__EXERCISE__.
The answer must reproduce all of the data below exactly and contain no images.
-- DATA UNDER STUDY follows --
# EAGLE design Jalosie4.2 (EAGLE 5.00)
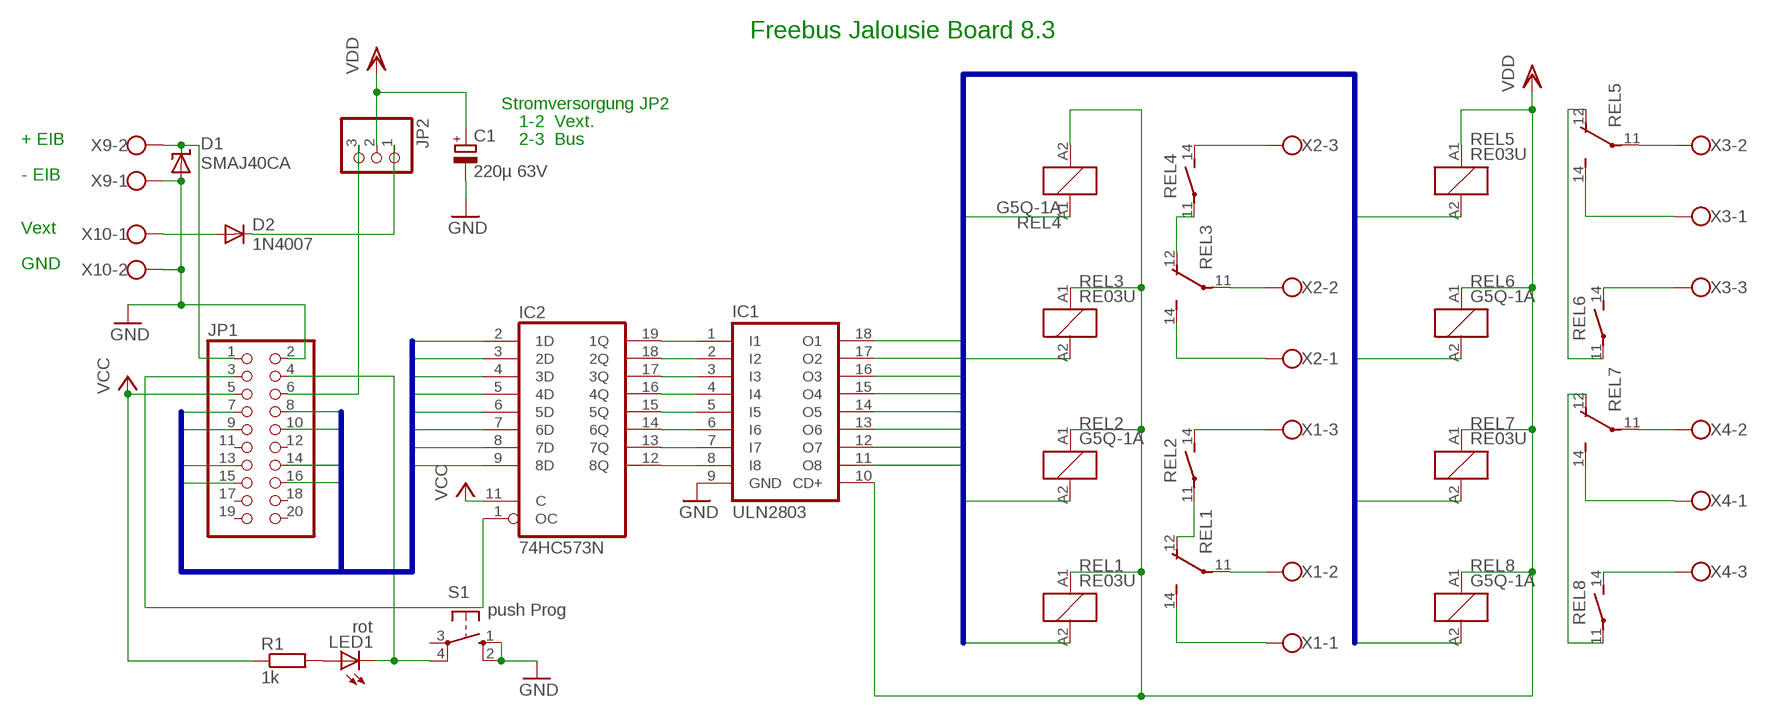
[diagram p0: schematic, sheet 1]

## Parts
C1  220µ 63V  CPOL-EUTT5D10  [TT5D10]
D1  SMAJ40CA  SUPPRESSOR-SMBJ  [SMBJ]
D2  1N4007  1N4004  [DO41-10]
IC1  ULN2803  ULN2803A  [DIL18]
IC2  74HC573N  [DIL20]
JP1  PINHD-2X10  [2X10]
JP2  PINHD-1X3  [1X03]
LED1  rot  LED3MM  [LED3MM]
R1  1k  R-EU_0204/7  [0204/7]
REL1  RE03U  [G5Q_1_EU]
REL2  G5Q-1A  RE030024  [RE-SCHRACK]
REL3  RE03U  [G5Q_1_EU]
REL4  G5Q-1A  RE030024  [RE-SCHRACK]
REL5  RE03U  [G5Q_1_EU]
REL6  G5Q-1A  RE030024  [RE-SCHRACK]
REL7  RE03U  [G5Q_1_EU]
REL8  G5Q-1A  RE030024  [RE-SCHRACK]
S1  push Prog  10-XX  [B3F-10XX]
X1  W237-03P  [W237-133]
X2  W237-03P  [W237-133]
X3  W237-03P  [W237-133]
X4  W237-03P  [W237-133]
X9  W237-102  [W237-102]
X10  W237-102  [W237-102]

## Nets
GND: C1.- D1.A IC1.9(GND) JP1.2 S1.1(S) S1.2(S1) X9.1 X10.2
IO1: IC2.2(1D) JP1.16
IO2: IC2.3(2D) JP1.15
IO3: IC2.4(3D) JP1.14
IO4: IC2.5(4D) JP1.13
IO5: IC2.6(5D) JP1.10
IO6: IC2.7(6D) JP1.9
IO7: IC2.8(7D) JP1.8
IO8: IC2.9(8D) JP1.7
N$1: REL3.12(14:O) REL4.11(2:P)
N$2: REL4.14(2:S) X2.3
N$3: REL1.12(14:O) REL2.11(2:P)
N$4: REL1.11(14:P) X1.2
N$5: REL3.11(14:P) X2.2
N$6: REL2.14(2:S) X1.3
N$7: REL7.11(14:P) X4.2
N$8: REL5.11(14:P) X3.2
N$9: REL1.14(14:S) X1.1
N$10: REL5.12(14:O) REL6.11(2:P)
N$11: JP1.4 LED1.K(C) S1.4(P1)
N$12: LED1.A R1.2
N$13: REL3.14(14:S) X2.1
N$14: REL6.14(2:S) X3.3
N$15: REL8.14(2:S) X4.3
N$16: REL7.14(14:S) X4.1
N$17: D2.A X10.1
N$18: JP1.6 JP2.3
N$19: REL5.14(14:S) X3.1
N$20: D1.C JP1.1 X9.2
N$21: IC1.1(I1) IC2.19(1Q)
N$22: IC1.2(I2) IC2.18(2Q)
N$23: IC1.3(I3) IC2.17(3Q)
N$24: IC1.4(I4) IC2.16(4Q)
N$25: IC1.5(I5) IC2.15(5Q)
N$27: IC1.6(I6) IC2.14(6Q)
N$28: IC1.7(I7) IC2.13(7Q)
N$29: IC1.8(I8) IC2.12(8Q)
N$30: REL7.12(14:O) REL8.11(2:P)
N$31: D2.C JP2.1
N$33: IC2.1(OC) JP1.3
R1: IC1.14(O5) REL4.A1
R2: IC1.13(O6) REL3.A2
R3: IC1.12(O7) REL2.A2
R4: IC1.11(O8) REL1.A2
R5: IC1.15(O4) REL5.A2
R6: IC1.16(O3) REL6.A2
R7: IC1.17(O2) REL7.A2
R8: IC1.18(O1) REL8.A2
VCC: IC2.11(C) JP1.5 R1.1
VDD: C1.+ IC1.10(CD+) JP2.2 REL1.A1 REL2.A1 REL3.A1 REL4.A2 REL5.A1 REL6.A1 REL7.A1 REL8.A1
Unconnected: JP1.11 JP1.12 JP1.17 JP1.18 JP1.19 JP1.20 S1.3(P)

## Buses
R[1..8]
IO[1..8]

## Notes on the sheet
- Freebus Jalousie Board 8.3
- Stromversorgung JP2
- 1-2  Vext.
- + EIB | 2-3  Bus
- - EIB
- Vext
- GND

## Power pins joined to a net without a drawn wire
GND: IC2.10(GND)
VCC: IC2.20(VCC)

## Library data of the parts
C1 = rcl:CPOL-EU: POLARIZED CAPACITOR, European symbol
D1 = diode:SUPPRESSOR-: Suppressor diode
D2 = diode:1N4004: DIODE
IC1 = uln-udn:ULN2803A: DRIVER ARRAY
IC2 = 74xx-eu:74*573: 8-bit D latch BUS DRIVER
JP1 = pinhead:PINHD-2X10: PIN HEADER
JP2 = pinhead:PINHD-1X3: PIN HEADER
LED1 = led:LED: LED
R1 = rcl:R-EU_: RESISTOR, European symbol
REL1 REL3 REL5 REL7 = freebus_relay:RE03U
REL2 REL4 REL6 REL8 = relay:RE03*: Miniature PCB Relay 1 pole 6 A SCHRACK Source: http://www.schrack.com/.. 5812.pdf
S1 = switch-omron:10-XX: OMRON SWITCH
X1-X4 = con-wago-508:W237-03P: WAGO SREW CLAMP
X9 X10 = con-wago-500:W237-102: WAGO SCREW CLAMP

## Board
-- DATA UNDER STUDY concluded --
__YOUR SOLUTION__.
# EAGLE design Jalosie4.2 (EAGLE 5.00)
[diagram p0: schematic, sheet 1]

## Parts
C1  220µ 63V  CPOL-EUTT5D10  [TT5D10]
D1  SMAJ40CA  SUPPRESSOR-SMBJ  [SMBJ]
D2  1N4007  1N4004  [DO41-10]
IC1  ULN2803  ULN2803A  [DIL18]
IC2  74HC573N  [DIL20]
JP1  PINHD-2X10  [2X10]
JP2  PINHD-1X3  [1X03]
LED1  rot  LED3MM  [LED3MM]
R1  1k  R-EU_0204/7  [0204/7]
REL1  RE03U  [G5Q_1_EU]
REL2  G5Q-1A  RE030024  [RE-SCHRACK]
REL3  RE03U  [G5Q_1_EU]
REL4  G5Q-1A  RE030024  [RE-SCHRACK]
REL5  RE03U  [G5Q_1_EU]
REL6  G5Q-1A  RE030024  [RE-SCHRACK]
REL7  RE03U  [G5Q_1_EU]
REL8  G5Q-1A  RE030024  [RE-SCHRACK]
S1  push Prog  10-XX  [B3F-10XX]
X1  W237-03P  [W237-133]
X2  W237-03P  [W237-133]
X3  W237-03P  [W237-133]
X4  W237-03P  [W237-133]
X9  W237-102  [W237-102]
X10  W237-102  [W237-102]

## Nets
GND: C1.- D1.A IC1.9(GND) JP1.2 S1.1(S) S1.2(S1) X9.1 X10.2
IO1: IC2.2(1D) JP1.16
IO2: IC2.3(2D) JP1.15
IO3: IC2.4(3D) JP1.14
IO4: IC2.5(4D) JP1.13
IO5: IC2.6(5D) JP1.10
IO6: IC2.7(6D) JP1.9
IO7: IC2.8(7D) JP1.8
IO8: IC2.9(8D) JP1.7
N$1: REL3.12(14:O) REL4.11(2:P)
N$2: REL4.14(2:S) X2.3
N$3: REL1.12(14:O) REL2.11(2:P)
N$4: REL1.11(14:P) X1.2
N$5: REL3.11(14:P) X2.2
N$6: REL2.14(2:S) X1.3
N$7: REL7.11(14:P) X4.2
N$8: REL5.11(14:P) X3.2
N$9: REL1.14(14:S) X1.1
N$10: REL5.12(14:O) REL6.11(2:P)
N$11: JP1.4 LED1.K(C) S1.4(P1)
N$12: LED1.A R1.2
N$13: REL3.14(14:S) X2.1
N$14: REL6.14(2:S) X3.3
N$15: REL8.14(2:S) X4.3
N$16: REL7.14(14:S) X4.1
N$17: D2.A X10.1
N$18: JP1.6 JP2.3
N$19: REL5.14(14:S) X3.1
N$20: D1.C JP1.1 X9.2
N$21: IC1.1(I1) IC2.19(1Q)
N$22: IC1.2(I2) IC2.18(2Q)
N$23: IC1.3(I3) IC2.17(3Q)
N$24: IC1.4(I4) IC2.16(4Q)
N$25: IC1.5(I5) IC2.15(5Q)
N$27: IC1.6(I6) IC2.14(6Q)
N$28: IC1.7(I7) IC2.13(7Q)
N$29: IC1.8(I8) IC2.12(8Q)
N$30: REL7.12(14:O) REL8.11(2:P)
N$31: D2.C JP2.1
N$33: IC2.1(OC) JP1.3
R1: IC1.14(O5) REL4.A1
R2: IC1.13(O6) REL3.A2
R3: IC1.12(O7) REL2.A2
R4: IC1.11(O8) REL1.A2
R5: IC1.15(O4) REL5.A2
R6: IC1.16(O3) REL6.A2
R7: IC1.17(O2) REL7.A2
R8: IC1.18(O1) REL8.A2
VCC: IC2.11(C) JP1.5 R1.1
VDD: C1.+ IC1.10(CD+) JP2.2 REL1.A1 REL2.A1 REL3.A1 REL4.A2 REL5.A1 REL6.A1 REL7.A1 REL8.A1
Unconnected: JP1.11 JP1.12 JP1.17 JP1.18 JP1.19 JP1.20 S1.3(P)

## Buses
R[1..8]
IO[1..8]

## Notes on the sheet
- Freebus Jalousie Board 8.3
- Stromversorgung JP2
- 1-2  Vext.
- + EIB | 2-3  Bus
- - EIB
- Vext
- GND

## Power pins joined to a net without a drawn wire
GND: IC2.10(GND)
VCC: IC2.20(VCC)

## Library data of the parts
C1 = rcl:CPOL-EU: POLARIZED CAPACITOR, European symbol
D1 = diode:SUPPRESSOR-: Suppressor diode
D2 = diode:1N4004: DIODE
IC1 = uln-udn:ULN2803A: DRIVER ARRAY
IC2 = 74xx-eu:74*573: 8-bit D latch BUS DRIVER
JP1 = pinhead:PINHD-2X10: PIN HEADER
JP2 = pinhead:PINHD-1X3: PIN HEADER
LED1 = led:LED: LED
R1 = rcl:R-EU_: RESISTOR, European symbol
REL1 REL3 REL5 REL7 = freebus_relay:RE03U
REL2 REL4 REL6 REL8 = relay:RE03*: Miniature PCB Relay 1 pole 6 A SCHRACK Source: http://www.schrack.com/.. 5812.pdf
S1 = switch-omron:10-XX: OMRON SWITCH
X1-X4 = con-wago-508:W237-03P: WAGO SREW CLAMP
X9 X10 = con-wago-500:W237-102: WAGO SCREW CLAMP

## Board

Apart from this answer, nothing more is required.